第259章 夜访的老臣(1 / 2)

开元九年九月的洛阳,夜色渐深。退思苑在皇城西侧,原是前朝一位亲王的别苑,苑中多植松柏,秋日里尤显幽静。致仕的尚书左仆射杜预便住在这里。

杜预今年七十有三,致仕已五年。他是三朝老臣,武帝时便入仕,历经明帝、今上,官至尚书左仆射,总领吏部、户部多年,以“明达政事、精于算计”着称。致仕后谢绝了一切虚衔,只留了个“光禄大夫”的荣衔,深居简出,除了偶尔进宫给太子讲经,平日里便在退思苑读书养性。

亥时初,苑门外传来轻轻的叩门声。老管家提着灯笼开门,见门外站着三人:为首的是个四十余岁的中年人,身着玄色常服,外罩一件深青斗篷,面容在灯笼光下看不真切;身后跟着两人,像是随从,但举止沉稳,绝非寻常仆役。

“我家主人特来拜访杜公。”中年人开口,声音温和。

管家正要询问名帖,苑内传来杜预的声音:“是故人来了,请进吧。”

杜预已站在正堂阶前。他虽年过七旬,腰背却挺得笔直,须发皆白但双目有神,手中拄着一根紫竹杖,看着来人步入苑中。

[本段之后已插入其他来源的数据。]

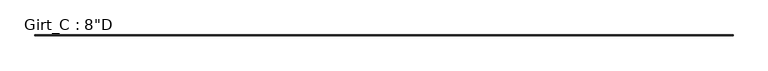
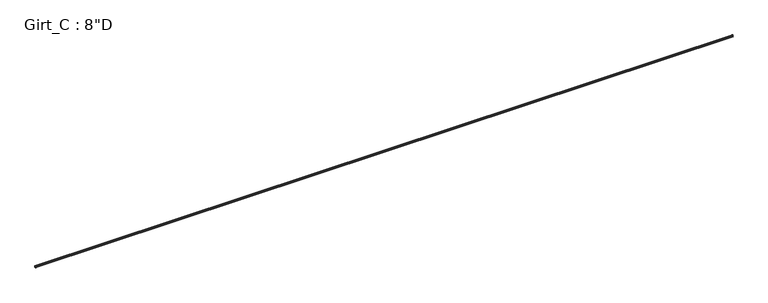
"""IFC4 building model written with IfcOpenShell, lengths in millimetres: beam geometry."""

import ifcopenshell
import ifcopenshell.guid

model = None  # the IFC model being written
_history = None  # IfcOwnerHistory: only IFC2X3 demands one
_inside = {}  # id of a spatial element -> (the spatial element, [elements in it])
_under = {}  # id of a project, library or spatial element -> (it, [spatial elements below it])
_declared = {}  # id of a project -> (the project, [libraries it declares])
_typed = {}  # id of a type object -> (the type object, [elements of that type])
_made_of = {}  # id of a material, layer set ... -> (it, [elements and type objects made of it])


def new_model(schema):
    """Start an empty IFC model of exactly this schema.

    Asked for "IFC4X3", IfcOpenShell would pick the latest addendum, in which some entities
    have other attributes; the version numbers below select the first issue.
    IFC2X3 requires an IfcOwnerHistory on every rooted entity: one is made here for all.
    """
    global model, _history
    if schema == "IFC4X3":
        model = ifcopenshell.file(schema_version=(4, 3, 0, 0))
    else:
        model = ifcopenshell.file(schema=schema)
    _inside.clear()
    _under.clear()
    _declared.clear()
    _typed.clear()
    _made_of.clear()
    _history = None
    if model.schema == "IFC2X3":
        org = make("IfcOrganization", Name="unknown")
        user = make(
            "IfcPersonAndOrganization",
            ThePerson=make("IfcPerson", FamilyName="unknown"),
            TheOrganization=org,
        )
        app = make(
            "IfcApplication",
            ApplicationDeveloper=org,
            Version="unknown",
            ApplicationFullName="unknown",
            ApplicationIdentifier="unknown",
        )
        _history = make(
            "IfcOwnerHistory",
            OwningUser=user,
            OwningApplication=app,
            ChangeAction="ADDED",
            CreationDate=0,
        )
    return model


def make(cls, **values):
    """One entity of the class cls with the attributes given. An attribute that is None is left unset."""
    return model.create_entity(
        cls, **{name: value for name, value in values.items() if value is not None}
    )


def rooted(cls, **values):
    """An entity with a GlobalId (a new one), such as an element, a storey or a relation."""
    return make(cls, GlobalId=ifcopenshell.guid.new(), OwnerHistory=_history, **values)


def si_unit(unit_type, name, prefix=None):
    """IfcSIUnit, for example si_unit("LENGTHUNIT", "METRE", prefix="MILLI")."""
    return make("IfcSIUnit", UnitType=unit_type, Prefix=prefix, Name=name)


def assignment(units):
    """IfcUnitAssignment: the units of a project."""
    return None if units is None else make("IfcUnitAssignment", Units=units)


def point(xyz):
    """IfcCartesianPoint."""
    return None if xyz is None else make("IfcCartesianPoint", Coordinates=xyz)


def direction(xyz):
    """IfcDirection."""
    return None if xyz is None else make("IfcDirection", DirectionRatios=xyz)


def frame(location, z_axis=None, x_axis=None):
    """IfcAxis2Placement3D, a coordinate frame: its origin and axes. An axis left out is left unset."""
    return make(
        "IfcAxis2Placement3D",
        Location=point(location),
        Axis=direction(z_axis),
        RefDirection=direction(x_axis),
    )


def frame_2d(location, x_axis=None):
    """IfcAxis2Placement2D, a coordinate frame in the plane: its origin and x axis."""
    return make(
        "IfcAxis2Placement2D", Location=point(location), RefDirection=direction(x_axis)
    )


def origin():
    """The frame at (0, 0, 0) with its axes left unset."""
    return frame((0.0, 0.0, 0.0))


def place(relative_to, where):
    """IfcLocalPlacement: puts the frame where relative to a parent placement (None: the world)."""
    return make(
        "IfcLocalPlacement", PlacementRelTo=relative_to, RelativePlacement=where
    )


def context(
    kind, dimensions, precision=None, world=None, true_north=None, identifier=None
):
    """IfcGeometricRepresentationContext, for example the 3D "Model" context."""
    return make(
        "IfcGeometricRepresentationContext",
        ContextIdentifier=identifier,
        ContextType=kind,
        CoordinateSpaceDimension=dimensions,
        Precision=precision,
        WorldCoordinateSystem=world,
        TrueNorth=true_north,
    )


def project(units=None, contexts=None):
    """IfcProject with its units and contexts."""
    return rooted(
        "IfcProject",
        Name="project",
        RepresentationContexts=contexts,
        UnitsInContext=assignment(units),
    )


def spatial(cls, under=None, at=None, **own):
    """A site, building, storey or space (cls), placed at a placement, below another one or the project."""
    s = rooted(cls, ObjectPlacement=at, **own)
    if under is not None:
        _under.setdefault(under.id(), (under, []))[1].append(s)
    return s


def polyline(points):
    """IfcPolyline through the points."""
    return make("IfcPolyline", Points=[point(p) for p in points])


def circle_curve(where, radius):
    """IfcCircle in the frame where."""
    return make("IfcCircle", Position=where, Radius=radius)


def trimmed(basis, trim1, trim2, sense, master):
    """IfcTrimmedCurve: the piece of a basis curve between two trims."""
    return make(
        "IfcTrimmedCurve",
        BasisCurve=basis,
        Trim1=trim1,
        Trim2=trim2,
        SenseAgreement=sense,
        MasterRepresentation=master,
    )


def segment(curve, same_sense, transition):
    """IfcCompositeCurveSegment."""
    return make(
        "IfcCompositeCurveSegment",
        Transition=transition,
        SameSense=same_sense,
        ParentCurve=curve,
    )


def composite_curve(segments, self_intersect=None):
    """IfcCompositeCurve: segments joined end to end."""
    return make("IfcCompositeCurve", Segments=segments, SelfIntersect=self_intersect)


def outline(outer, holes=None, kind="AREA"):
    """IfcArbitraryClosedProfileDef: a profile drawn as a closed curve; with holes, ...WithVoids."""
    if holes is None:
        return make("IfcArbitraryClosedProfileDef", ProfileType=kind, OuterCurve=outer)
    return make(
        "IfcArbitraryProfileDefWithVoids",
        ProfileType=kind,
        OuterCurve=outer,
        InnerCurves=holes,
    )


def extrude(swept, where, along, depth):
    """IfcExtrudedAreaSolid: the profile swept, set in the frame where, extruded along a direction by depth."""
    return make(
        "IfcExtrudedAreaSolid",
        SweptArea=swept,
        Position=where,
        ExtrudedDirection=direction(along),
        Depth=depth,
    )


def shape(context_of_items, identifier, shape_type, items):
    """IfcShapeRepresentation: the items that make up one representation, for example the "Body"."""
    return make(
        "IfcShapeRepresentation",
        ContextOfItems=context_of_items,
        RepresentationIdentifier=identifier,
        RepresentationType=shape_type,
        Items=items,
    )


def source(mapping_origin, context_of_items, identifier, shape_type, items):
    """IfcRepresentationMap: a shape defined once, which mapped items show again and again."""
    return make(
        "IfcRepresentationMap",
        MappingOrigin=mapping_origin,
        MappedRepresentation=shape(context_of_items, identifier, shape_type, items),
    )


def transform(
    local_origin,
    x_axis=None,
    y_axis=None,
    z_axis=None,
    scale=None,
    scale2=None,
    scale3=None,
    uniform=True,
):
    """IfcCartesianTransformationOperator3D, or its non-uniform kind. x_axis, y_axis, z_axis: its Axis1, 2, 3."""
    if uniform:
        return make(
            "IfcCartesianTransformationOperator3D",
            Axis1=direction(x_axis),
            Axis2=direction(y_axis),
            LocalOrigin=point(local_origin),
            Scale=scale,
            Axis3=direction(z_axis),
        )
    return make(
        "IfcCartesianTransformationOperator3DnonUniform",
        Axis1=direction(x_axis),
        Axis2=direction(y_axis),
        LocalOrigin=point(local_origin),
        Scale=scale,
        Axis3=direction(z_axis),
        Scale2=scale2,
        Scale3=scale3,
    )


def mapped(mapping_source, mapping_target):
    """IfcMappedItem: shows the shape of a source again, moved by a transform."""
    return make(
        "IfcMappedItem", MappingSource=mapping_source, MappingTarget=mapping_target
    )


def made_of(thing, what):
    """Note that an element or type object is made of a material, layer set ...; save() writes the relation."""
    if what is not None:
        _made_of.setdefault(what.id(), (what, []))[1].append(thing)
    return thing


def element(
    cls,
    number,
    at=None,
    inside=None,
    cuts=None,
    type_object=None,
    material=None,
    context=None,
    identifier="Body",
    shape_type=None,
    held_by="IfcProductDefinitionShape",
    body=None,
    shapes=None,
    **own,
):
    """One element of the class cls, such as IfcWall. Its Tag is "e" and its number.

    at: its placement. inside: the storey or other place that contains it. cuts: it is an
    opening in that element (IfcRelVoidsElement). A single representation is given by context,
    identifier, shape_type and body (its items); several are given by shapes. held_by: the class
    of the entity that holds the representations. save() writes the other relations.
    """
    e = rooted(cls, Tag="e%d" % number, ObjectPlacement=at, **own)
    if body is not None:
        shapes = [shape(context, identifier, shape_type, body)]
    if shapes is not None:
        e.Representation = make(held_by, Representations=shapes)
    if inside is not None:
        _inside.setdefault(inside.id(), (inside, []))[1].append(e)
    if cuts is not None:
        rooted(
            "IfcRelVoidsElement", RelatingBuildingElement=cuts, RelatedOpeningElement=e
        )
    if type_object is not None:
        _typed.setdefault(type_object.id(), (type_object, []))[1].append(e)
    return made_of(e, material)


def aggregate(whole, parts):
    """IfcRelAggregates: a whole, such as a stair, and the parts it consists of."""
    return rooted("IfcRelAggregates", RelatingObject=whole, RelatedObjects=parts)


def save(model, path):
    """Write the relations noted so far, then the file.

    IfcRelAggregates (storeys below a building ...), IfcRelContainedInSpatialStructure (elements
    in a storey), IfcRelDefinesByType, IfcRelAssociatesMaterial and IfcRelDeclares: one each for
    every whole, place, type object, material and project.
    """
    for whole, parts in _under.values():
        aggregate(whole, parts)
    for where, things in _inside.values():
        rooted(
            "IfcRelContainedInSpatialStructure",
            RelatedElements=things,
            RelatingStructure=where,
        )
    for kind, things in _typed.values():
        rooted("IfcRelDefinesByType", RelatedObjects=things, RelatingType=kind)
    for what, things in _made_of.values():
        rooted("IfcRelAssociatesMaterial", RelatedObjects=things, RelatingMaterial=what)
    for by, libraries in _declared.values():
        rooted("IfcRelDeclares", RelatingContext=by, RelatedDefinitions=libraries)
    model.write(path)


def beam_8d9c0b98(model_context):
    return source(origin(), model_context, "Body", "SweptSolid", [
        extrude(outline(composite_curve([segment(polyline([(-87.5109375, 101.6), (-3.3734375, 101.6)]), True, "CONTINUOUS"), segment(trimmed(circle_curve(frame_2d((-3.3734375, 96.8375)), 4.7625), [point((-3.3734375, 101.6))], [point((1.3890625, 96.8375))], False, "CARTESIAN"), True, "CONTINUOUS"), segment(polyline([(1.3890625, 96.8375), (1.3890625, -96.8375)]), True, "CONTINUOUS"), segment(trimmed(circle_curve(frame_2d((-3.3734375, -96.8375)), 4.7625), [point((1.3890625, -96.8375))], [point((-3.3734375, -101.6))], False, "CARTESIAN"), True, "CONTINUOUS"), segment(polyline([(-3.3734375, -101.6), (-87.5109375, -101.6), (-99.7792647, -86.979177), (-97.6510975, -85.1934327), (-86.2154765, -98.821875), (-3.2694106, -98.821875)]), True, "CONTINUOUS"), segment(trimmed(circle_curve(frame_2d((-3.3748024, -96.8389339)), 1.9857399), [point((-3.2694106, -98.821875))], [point((-1.3890625, -96.8389339))], True, "CARTESIAN"), True, "CONTINUOUS"), segment(polyline([(-1.3890625, -96.8389339), (-1.3890625, 96.8381931)]), True, "CONTINUOUS"), segment(trimmed(circle_curve(frame_2d((-3.3741066, 96.8381931)), 1.9850441), [point((-1.3890625, 96.8381931))], [point((-3.3005807, 98.821875))], True, "CARTESIAN"), True, "CONTINUOUS"), segment(polyline([(-3.3005807, 98.821875), (-86.2154765, 98.821875), (-97.6278742, 85.221109), (-99.7560415, 87.0068534), (-87.5109375, 101.6)]), True, "CONTINUOUS")], self_intersect=False)), frame((-44450.0, 0.0, 0.0), z_axis=(1.0, 0.0, 0.0), x_axis=(0.0, 1.0, 0.0)), (0.0, 0.0, 1.0), 88900.0),
    ])


if __name__ == "__main__":
    model = new_model("IFC4")
    model_context = context("Model", 3, world=origin())
    ifc_project = project(units=[si_unit("LENGTHUNIT", "METRE", prefix="MILLI")], contexts=[model_context])
    site = spatial("IfcSite", under=ifc_project)
    building = spatial("IfcBuilding", under=site)
    placement = place(None, origin())
    beam_shape = beam_8d9c0b98(model_context)
    element("IfcBeam", 1, ObjectType="Girt_C : 8\"D", at=placement, inside=building, context=model_context, shape_type="MappedRepresentation", body=[
        mapped(beam_shape, transform((0.0, 0.0, 0.0), x_axis=(1.0, 0.0, 0.0), y_axis=(0.0, 1.0, 0.0), z_axis=(0.0, 0.0, 1.0))),
    ])
    save(model, "model.ifc")

# Revit data of these elements
# Type "Girt_C : 8\"D"
#   half leg = 0' - 1 3/4"
#   Web_Thickness = 0' - 0 7/64"
#   Length [instance default] = 10' - 0"
#   Leg_1 = 0' - 3 1/2"
#   Height = 0' - 8"
#   Structural Material [instance default] = none
# Element 1 (IfcBeam, "Girt_C : 8\"D")
#   Structural Material = CEE' SECTION (8.0x3.5C - SEE STRUCT. DWGS)
#   Materials on its faces: "CEE' SECTION (8.0x3.5C - SEE STRUCT. DWGS)"
# Materials
#   "CEE' SECTION (8.0x3.5C - SEE STRUCT. DWGS)": class "Metal", colour RGB 137 146 153, transparency 0, Description = "Steel, mill finish", Cost = 0

灯笼光渐近,杜预看清了来人的面容。他微微一怔,随即欲躬身行礼,却被来人上前扶住:“杜公不必多礼,今夜我只是个访客。”

来者正是皇帝司马柬。

杜预也不矫情,直起身,对管家道:“你去烹茶,用我珍藏的蒙顶茶。任何人来,都说老夫已歇息了。”又对司马柬身后两人道,“两位可在偏厅歇息。”

那两人看向司马柬,见皇帝微微颔首,方拱手退下。

正堂内,烛火通明。陈设简朴,唯有满架书卷和墙上几幅字画显出主人身份。两人对坐于窗下竹榻,中间隔着一张紫檀小几。

“陛下深夜来访,必有要事。”杜预开门见山。他与司马柬有师生之谊,年轻时曾教导过当时还是太子的司马柬治国理财之道,故虽致仕,说话仍直接。

司马柬解下斗篷,露出寻常的月白深衣:“无甚要事,只是想听听杜公说说朝政得失。近来总觉得……太顺了些。”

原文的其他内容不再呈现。